Entries taken from a collection:
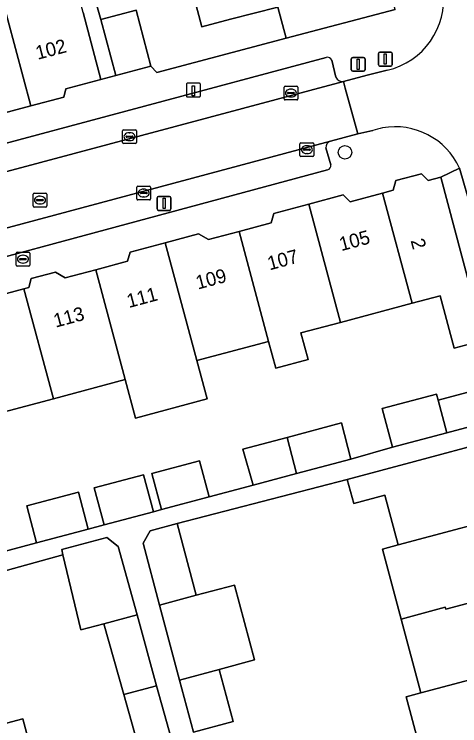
# Model space of a CAD drawing. Extents: x 162542 to 163147, y 380779 to 381521.
# Drawn here: x 162770.6 to 162802.8, y 381019 to 381070.3 of the extents above; entities that cross this region are included whole.
import ezdxf

# ---------------------------------------------------------------- set-up
doc = ezdxf.new("R2010")
doc.units = 0
for name, color, linetype in [('IMGEO_Boom', 7, 'Continuous'), ('IMGEO_Brandkraan', 7, 'Continuous'), ('IMGEO_Erf', 7, 'Continuous'), ('IMGEO_Kolk', 7, 'Continuous'), ('IMGEO_Laadpaal', 7, 'Continuous'), ('IMGEO_Lichtmast', 7, 'Continuous'), ('IMGEO_Muur', 7, 'Continuous'), ('IMGEO_Pand', 7, 'Continuous'), ('IMGEO_Pand_nummerreeks', 7, 'Continuous'), ('IMGEO_Parkeervlak_open', 7, 'Continuous'), ('IMGEO_Rijbaan_lokaal_open', 7, 'Continuous'), ('IMGEO_Rioolput', 7, 'Continuous'), ('IMGEO_Voetpad_open', 7, 'Continuous')]:
    doc.layers.add(name, color=color, linetype=linetype)

msp = doc.modelspace()

# ---------------------------------------------------------------- linework, layer by layer
at = {"layer": 'IMGEO_Boom'}
msp.add_circle((162794.494, 381060.375), 0.489, dxfattribs=at)
at = {"layer": 'IMGEO_Brandkraan'}
for p, q in [((162770.738, 381052.236), (162770.738, 381053.088)), ((162770.813, 381053.162), (162771.665, 381053.162)), ((162771.04, 381052.705), (162771.438, 381052.705)), ((162771.226, 381052.942), (162771.251, 381052.942)), ((162771.739, 381053.088), (162771.739, 381052.236)), ((162770.997, 381052.656), (162770.997, 381052.668)), ((162771.435, 381052.619), (162771.037, 381052.619)), ((162771.249, 381052.382), (162771.224, 381052.382)), ((162771.481, 381052.668), (162771.481, 381052.656)), ((162771.665, 381052.162), (162770.813, 381052.162))]:
    msp.add_line(p, q, dxfattribs=at)
for points in [[(162770.738, 381052.236), (162770.738, 381053.088)], [(162770.813, 381053.162), (162771.665, 381053.162)], [(162771.739, 381053.088), (162771.739, 381052.236)], [(162771.665, 381052.162), (162770.813, 381052.162)]]:
    msp.add_lwpolyline(points, dxfattribs=at)
for centre, radius, start, end in [((162770.815, 381053.086), 0.0765, 91.552, 178.448), ((162770.815, 381053.086), 0.0765, 91.552, 178.448), ((162771.037, 381052.665), 0.0403, 85.8775, 175.7526), ((162771.442, 381052.667), 0.0386, 1.7309, 96.639), ((162771.663, 381053.086), 0.0765, 1.552, 88.448), ((162771.663, 381053.086), 0.0765, 1.552, 88.448), ((162770.815, 381052.238), 0.0765, 181.552, 268.448), ((162770.815, 381052.238), 0.0765, 181.552, 268.448), ((162771.034, 381052.655), 0.0366, 178.938, 274.7102), ((162771.438, 381052.662), 0.043, 264.8664, 352.4533), ((162771.663, 381052.238), 0.0765, 271.552, 358.448), ((162771.663, 381052.238), 0.0765, 271.552, 358.448)]:
    msp.add_arc(centre, radius, start, end, dxfattribs=at)
for centre, major_axis, ratio, start_param, end_param in [((162771.225, 381052.662), (-0.387, 0.002), 0.722429, 4.712389, 7.853982), ((162771.25, 381052.662), (-0.39, 0.002), 0.717154, 1.570796, 4.712389)]:
    msp.add_ellipse(centre, major_axis=major_axis, ratio=ratio, start_param=start_param, end_param=end_param, dxfattribs=at)
at = {"layer": 'IMGEO_Erf'}
for points in [[(162774.056, 381079.887), (162776.859, 381069.965), (162779.405, 381070.644), (162780.482, 381066.606), (162780.903, 381066.133), (162790.25, 381068.607), (162789.654, 381070.857), (162786.215, 381069.993), (162784.155, 381069.446), (162783.526, 381071.816)], [(162804.535, 381046.81), (162802.384, 381046.237), (162801.377, 381050.022), (162799.344, 381049.481), (162794.163, 381048.103), (162791.316, 381047.346), (162791.828, 381045.42), (162789.492, 381044.799), (162788.98, 381046.725), (162783.799, 381045.346), (162784.536, 381042.573), (162779.354, 381041.194), (162778.617, 381043.968), (162773.434, 381042.59), (162768.253, 381041.212)], [(162769.237, 381031.405), (162772.228, 381032.18), (162771.516, 381034.857), (162775.24, 381035.847), (162775.952, 381033.17), (162777.1, 381033.475), (162776.388, 381036.152), (162779.95, 381037.1), (162780.662, 381034.423), (162781.246, 381034.586), (162780.551, 381037.2), (162783.989, 381038.114), (162784.684, 381035.5), (162787.869, 381036.347), (162787.108, 381038.943), (162790.307, 381039.794), (162794.231, 381040.838), (162794.926, 381038.224), (162797.923, 381039.094), (162797.182, 381041.883), (162801.098, 381042.925), (162801.215, 381042.483), (162805.355, 381043.584)], [(162800.284, 381015.954), (162798.917, 381021.069), (162799.976, 381021.363), (162798.554, 381026.681), (162797.202, 381031.738), (162798.325, 381032.038), (162797.365, 381035.632), (162795.127, 381035.034), (162794.663, 381036.768), (162782.37, 381033.574), (162783.755, 381028.398), (162786.521, 381029.138), (162787.967, 381023.733), (162785.414, 381023.049), (162786.42, 381019.291), (162783.558, 381018.525)], [(162779.972, 381016.079), (162778.524, 381021.236), (162777.088, 381026.348), (162775.416, 381025.911), (162774.127, 381031.315), (162765.392, 381028.911), (162766.804, 381023.607), (162768.122, 381018.658), (162771.235, 381019.487), (162772.661, 381014.131)]]:
    msp.add_lwpolyline(points, dxfattribs=at)
at = {"layer": 'IMGEO_Kolk'}
for p, q in [((162790.091, 381064.229), (162790.091, 381065.081)), ((162790.166, 381065.155), (162791.018, 381065.155)), ((162791.092, 381065.081), (162791.092, 381064.229)), ((162790.35, 381064.649), (162790.35, 381064.661)), ((162790.788, 381064.612), (162790.39, 381064.612)), ((162790.393, 381064.698), (162790.791, 381064.698)), ((162790.579, 381064.935), (162790.604, 381064.935)), ((162790.834, 381064.661), (162790.834, 381064.649)), ((162791.018, 381064.155), (162790.166, 381064.155)), ((162790.602, 381064.375), (162790.577, 381064.375)), ((162778.432, 381061.08), (162778.432, 381061.932)), ((162778.507, 381062.006), (162779.359, 381062.006)), ((162779.433, 381061.932), (162779.433, 381061.08)), ((162778.691, 381061.5), (162778.691, 381061.512)), ((162779.129, 381061.463), (162778.731, 381061.463)), ((162778.734, 381061.549), (162779.132, 381061.549)), ((162778.92, 381061.786), (162778.945, 381061.786)), ((162779.175, 381061.512), (162779.175, 381061.5)), ((162779.359, 381061.006), (162778.507, 381061.006)), ((162778.943, 381061.226), (162778.918, 381061.226)), ((162791.241, 381060.143), (162791.241, 381060.995)), ((162791.316, 381061.069), (162792.168, 381061.069)), ((162792.242, 381060.995), (162792.242, 381060.143)), ((162791.5, 381060.563), (162791.5, 381060.575)), ((162791.938, 381060.526), (162791.54, 381060.526)), ((162791.543, 381060.612), (162791.941, 381060.612)), ((162791.729, 381060.849), (162791.754, 381060.849)), ((162791.984, 381060.575), (162791.984, 381060.563)), ((162792.168, 381060.069), (162791.316, 381060.069)), ((162791.752, 381060.289), (162791.727, 381060.289)), ((162779.456, 381057.01), (162779.456, 381057.862)), ((162779.531, 381057.936), (162780.383, 381057.936)), ((162780.457, 381057.862), (162780.457, 381057.01)), ((162779.715, 381057.43), (162779.715, 381057.442)), ((162780.153, 381057.393), (162779.755, 381057.393)), ((162779.758, 381057.479), (162780.156, 381057.479)), ((162779.944, 381057.716), (162779.969, 381057.716)), ((162780.199, 381057.442), (162780.199, 381057.43)), ((162780.383, 381056.936), (162779.531, 381056.936)), ((162779.967, 381057.156), (162779.942, 381057.156))]:
    msp.add_line(p, q, dxfattribs=at)
for points in [[(162790.091, 381064.229), (162790.091, 381065.081)], [(162790.166, 381065.155), (162791.018, 381065.155)], [(162791.092, 381065.081), (162791.092, 381064.229)], [(162791.018, 381064.155), (162790.166, 381064.155)], [(162778.432, 381061.08), (162778.432, 381061.932)], [(162778.507, 381062.006), (162779.359, 381062.006)], [(162779.433, 381061.932), (162779.433, 381061.08)], [(162779.359, 381061.006), (162778.507, 381061.006)], [(162791.241, 381060.143), (162791.241, 381060.995)], [(162791.316, 381061.069), (162792.168, 381061.069)], [(162792.242, 381060.995), (162792.242, 381060.143)], [(162792.168, 381060.069), (162791.316, 381060.069)], [(162779.456, 381057.01), (162779.456, 381057.862)], [(162779.531, 381057.936), (162780.383, 381057.936)], [(162780.457, 381057.862), (162780.457, 381057.01)], [(162780.383, 381056.936), (162779.531, 381056.936)]]:
    msp.add_lwpolyline(points, dxfattribs=at)
for centre, radius, start, end in [((162790.168, 381065.079), 0.0765, 91.552, 178.448), ((162790.168, 381065.079), 0.0765, 91.552, 178.448), ((162791.016, 381065.079), 0.0765, 1.552, 88.448), ((162791.016, 381065.079), 0.0765, 1.552, 88.448), ((162790.39, 381064.658), 0.0403, 85.8775, 175.7526), ((162790.387, 381064.648), 0.0366, 178.938, 274.7102), ((162790.791, 381064.655), 0.043, 264.8664, 352.4533), ((162790.795, 381064.66), 0.0386, 1.7309, 96.639), ((162790.168, 381064.231), 0.0765, 181.552, 268.448), ((162790.168, 381064.231), 0.0765, 181.552, 268.448), ((162791.016, 381064.231), 0.0765, 271.552, 358.448), ((162791.016, 381064.231), 0.0765, 271.552, 358.448), ((162778.509, 381061.93), 0.0765, 91.552, 178.448), ((162778.509, 381061.93), 0.0765, 91.552, 178.448), ((162779.357, 381061.93), 0.0765, 1.552, 88.448), ((162779.357, 381061.93), 0.0765, 1.552, 88.448), ((162778.731, 381061.509), 0.0403, 85.8775, 175.7526), ((162778.728, 381061.499), 0.0366, 178.938, 274.7102), ((162779.132, 381061.506), 0.043, 264.8664, 352.4533), ((162779.136, 381061.511), 0.0386, 1.7309, 96.639), ((162778.509, 381061.082), 0.0765, 181.552, 268.448), ((162778.509, 381061.082), 0.0765, 181.552, 268.448), ((162779.357, 381061.082), 0.0765, 271.552, 358.448), ((162779.357, 381061.082), 0.0765, 271.552, 358.448), ((162791.318, 381060.993), 0.0765, 91.552, 178.448), ((162791.318, 381060.993), 0.0765, 91.552, 178.448), ((162792.166, 381060.993), 0.0765, 1.552, 88.448), ((162792.166, 381060.993), 0.0765, 1.552, 88.448), ((162791.54, 381060.572), 0.0403, 85.8775, 175.7526), ((162791.537, 381060.562), 0.0366, 178.938, 274.7102), ((162791.941, 381060.569), 0.043, 264.8664, 352.4533), ((162791.945, 381060.574), 0.0386, 1.7309, 96.639), ((162791.318, 381060.145), 0.0765, 181.552, 268.448), ((162791.318, 381060.145), 0.0765, 181.552, 268.448), ((162792.166, 381060.145), 0.0765, 271.552, 358.448), ((162792.166, 381060.145), 0.0765, 271.552, 358.448), ((162779.533, 381057.86), 0.0765, 91.552, 178.448), ((162779.533, 381057.86), 0.0765, 91.552, 178.448), ((162780.381, 381057.86), 0.0765, 1.552, 88.448), ((162780.381, 381057.86), 0.0765, 1.552, 88.448), ((162779.755, 381057.439), 0.0403, 85.8775, 175.7526), ((162779.752, 381057.429), 0.0366, 178.938, 274.7102), ((162780.156, 381057.436), 0.043, 264.8664, 352.4533), ((162780.16, 381057.441), 0.0386, 1.7309, 96.639), ((162779.533, 381057.012), 0.0765, 181.552, 268.448), ((162779.533, 381057.012), 0.0765, 181.552, 268.448), ((162780.381, 381057.012), 0.0765, 271.552, 358.448), ((162780.381, 381057.012), 0.0765, 271.552, 358.448)]:
    msp.add_arc(centre, radius, start, end, dxfattribs=at)
for centre, major_axis, ratio, start_param, end_param in [((162790.578, 381064.655), (-0.387, 0.002), 0.722429, 4.712389, 7.853982), ((162790.603, 381064.655), (-0.39, 0.002), 0.717154, 1.570796, 4.712389), ((162778.919, 381061.506), (-0.387, 0.002), 0.722429, 4.712389, 7.853982), ((162778.944, 381061.506), (-0.39, 0.002), 0.717154, 1.570796, 4.712389), ((162791.728, 381060.569), (-0.387, 0.002), 0.722429, 4.712389, 7.853982), ((162791.753, 381060.569), (-0.39, 0.002), 0.717154, 1.570796, 4.712389), ((162779.943, 381057.436), (-0.387, 0.002), 0.722429, 4.712389, 7.853982), ((162779.968, 381057.436), (-0.39, 0.002), 0.717154, 1.570796, 4.712389)]:
    msp.add_ellipse(centre, major_axis=major_axis, ratio=ratio, start_param=start_param, end_param=end_param, dxfattribs=at)
at = {"layer": 'IMGEO_Laadpaal'}
for p, q in [((162783.05, 381065.288), (162783.05, 381064.447)), ((162783.05, 381065.288), (162783.05, 381064.447)), ((162783.966, 381065.372), (162783.125, 381065.372)), ((162783.966, 381065.372), (162783.125, 381065.372)), ((162784.05, 381064.456), (162784.05, 381065.297)), ((162784.05, 381064.456), (162784.05, 381065.297)), ((162783.134, 381064.372), (162783.975, 381064.372)), ((162783.134, 381064.372), (162783.975, 381064.372))]:
    msp.add_line(p, q, dxfattribs=at)
msp.add_lwpolyline([(162783.465, 381065.185), (162783.625, 381065.185), (162783.625, 381064.452), (162783.465, 381064.452), (162783.465, 381065.185)], dxfattribs=at)
for centre, start, end in [((162783.128, 381065.294), 92.4484, 184.2845), ((162783.128, 381065.294), 92.4484, 184.2845), ((162783.972, 381065.294), 2.4484, 94.2845), ((162783.972, 381065.294), 2.4484, 94.2845), ((162783.128, 381064.45), 182.4484, 274.2845), ((162783.128, 381064.45), 182.4484, 274.2845), ((162783.972, 381064.45), 272.4484, 4.2845), ((162783.972, 381064.45), 272.4484, 4.2845)]:
    msp.add_arc(centre, 0.0779, start, end, dxfattribs=at)
at = {"layer": 'IMGEO_Lichtmast'}
for p, q in [((162797.006, 381067.603), (162797.796, 381067.603)), ((162797.796, 381067.603), (162797.006, 381067.603)), ((162794.951, 381066.326), (162794.951, 381067.126)), ((162794.951, 381067.126), (162794.951, 381066.326)), ((162795.051, 381067.226), (162795.841, 381067.226)), ((162795.841, 381067.226), (162795.051, 381067.226)), ((162795.941, 381067.126), (162795.941, 381066.326)), ((162795.941, 381066.326), (162795.941, 381067.126)), ((162796.906, 381066.703), (162796.906, 381067.503)), ((162796.906, 381067.503), (162796.906, 381066.703)), ((162797.896, 381067.503), (162797.896, 381066.703)), ((162797.896, 381066.703), (162797.896, 381067.503)), ((162797.796, 381066.603), (162797.006, 381066.603)), ((162797.006, 381066.603), (162797.796, 381066.603)), ((162795.841, 381066.226), (162795.051, 381066.226)), ((162795.051, 381066.226), (162795.841, 381066.226)), ((162780.932, 381056.288), (162780.932, 381057.088)), ((162780.932, 381057.088), (162780.932, 381056.288)), ((162781.032, 381057.188), (162781.822, 381057.188)), ((162781.822, 381057.188), (162781.032, 381057.188)), ((162781.922, 381057.088), (162781.922, 381056.288)), ((162781.922, 381056.288), (162781.922, 381057.088)), ((162781.822, 381056.188), (162781.032, 381056.188)), ((162781.032, 381056.188), (162781.822, 381056.188))]:
    msp.add_line(p, q, dxfattribs=at)
for points in [[(162795.371, 381067.101), (162795.521, 381067.101), (162795.521, 381066.351), (162795.371, 381066.351), (162795.371, 381067.101)], [(162797.326, 381067.478), (162797.476, 381067.478), (162797.476, 381066.728), (162797.326, 381066.728), (162797.326, 381067.478)], [(162781.352, 381057.063), (162781.502, 381057.063), (162781.502, 381056.313), (162781.352, 381056.313), (162781.352, 381057.063)]]:
    msp.add_lwpolyline(points, dxfattribs=at)
for centre, start, end in [((162797.006, 381067.503), 90, 180), ((162797.006, 381067.503), 90, 180), ((162797.796, 381067.503), 0, 90), ((162797.796, 381067.503), 360, 90), ((162795.051, 381067.126), 90, 180), ((162795.051, 381067.126), 90, 180), ((162795.841, 381067.126), 0, 90), ((162795.841, 381067.126), 360, 90), ((162797.006, 381066.703), 180, 270), ((162797.006, 381066.703), 180, 270), ((162797.796, 381066.703), 270, 0), ((162797.796, 381066.703), 270, 0), ((162795.051, 381066.326), 180, 270), ((162795.051, 381066.326), 180, 270), ((162795.841, 381066.326), 270, 0), ((162795.841, 381066.326), 270, 0), ((162781.032, 381057.088), 90, 180), ((162781.032, 381057.088), 90, 180), ((162781.822, 381057.088), 0, 90), ((162781.822, 381057.088), 360, 90), ((162781.032, 381056.288), 180, 270), ((162781.032, 381056.288), 180, 270), ((162781.822, 381056.288), 270, 0), ((162781.822, 381056.288), 270, 0)]:
    msp.add_arc(centre, 0.1, start, end, dxfattribs=at)
at = {"layer": 'IMGEO_Muur'}
msp.add_lwpolyline([(162790.25, 381068.607), (162780.903, 381066.133), (162780.482, 381066.606)], dxfattribs=at)
at = {"layer": 'IMGEO_Pand'}
for points in [[(162771.805, 381063.723), (162774.182, 381064.357), (162774.346, 381064.969), (162776.867, 381065.641), (162775.579, 381070.473), (162774.793, 381073.421), (162773.82, 381077.07), (162768.611, 381075.681), (162769.584, 381072.032)], [(162796.857, 381075.377), (162789.775, 381073.478), (162789.181, 381073.318), (162788.962, 381073.26), (162783.526, 381071.816), (162784.155, 381069.446), (162786.215, 381069.993), (162789.654, 381070.857), (162790.25, 381068.607), (162798.117, 381070.679)], [(162769.584, 381072.032), (162764.213, 381070.599), (162766.025, 381063.843), (162765.878, 381063.804), (162766.136, 381062.838), (162768.598, 381063.494), (162769.091, 381063), (162771.805, 381063.723)], [(162780.482, 381066.606), (162779.405, 381070.644), (162776.859, 381069.965), (162777.935, 381065.927)], [(162799.344, 381049.481), (162801.377, 381050.022), (162802.384, 381046.237), (162804.535, 381046.81), (162801.405, 381058.58), (162800.504, 381058.341), (162800.018, 381058.829), (162798.163, 381058.335), (162797.974, 381057.636), (162797.213, 381057.434)], [(162794.163, 381048.103), (162799.344, 381049.481), (162797.213, 381057.434), (162794.859, 381056.808), (162794.367, 381057.302), (162791.876, 381056.639)], [(162791.876, 381056.639), (162789.36, 381055.97), (162789.174, 381055.281), (162786.853, 381054.664), (162788.98, 381046.725), (162789.492, 381044.799), (162791.828, 381045.42), (162791.316, 381047.346), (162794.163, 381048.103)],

§ **Task statement**: Every line above with the word "name" belongs in the answer, copied as written.

§ **Result of the exercise**:
for name, color, linetype in [('IMGEO_Boom', 7, 'Continuous'), ('IMGEO_Brandkraan', 7, 'Continuous'), ('IMGEO_Erf', 7, 'Continuous'), ('IMGEO_Kolk', 7, 'Continuous'), ('IMGEO_Laadpaal', 7, 'Continuous'), ('IMGEO_Lichtmast', 7, 'Continuous'), ('IMGEO_Muur', 7, 'Continuous'), ('IMGEO_Pand', 7, 'Continuous'), ('IMGEO_Pand_nummerreeks', 7, 'Continuous'), ('IMGEO_Parkeervlak_open', 7, 'Continuous'), ('IMGEO_Rijbaan_lokaal_open', 7, 'Continuous'), ('IMGEO_Rioolput', 7, 'Continuous'), ('IMGEO_Voetpad_open', 7, 'Continuous')]:
    doc.layers.add(name, color=color, linetype=linetype)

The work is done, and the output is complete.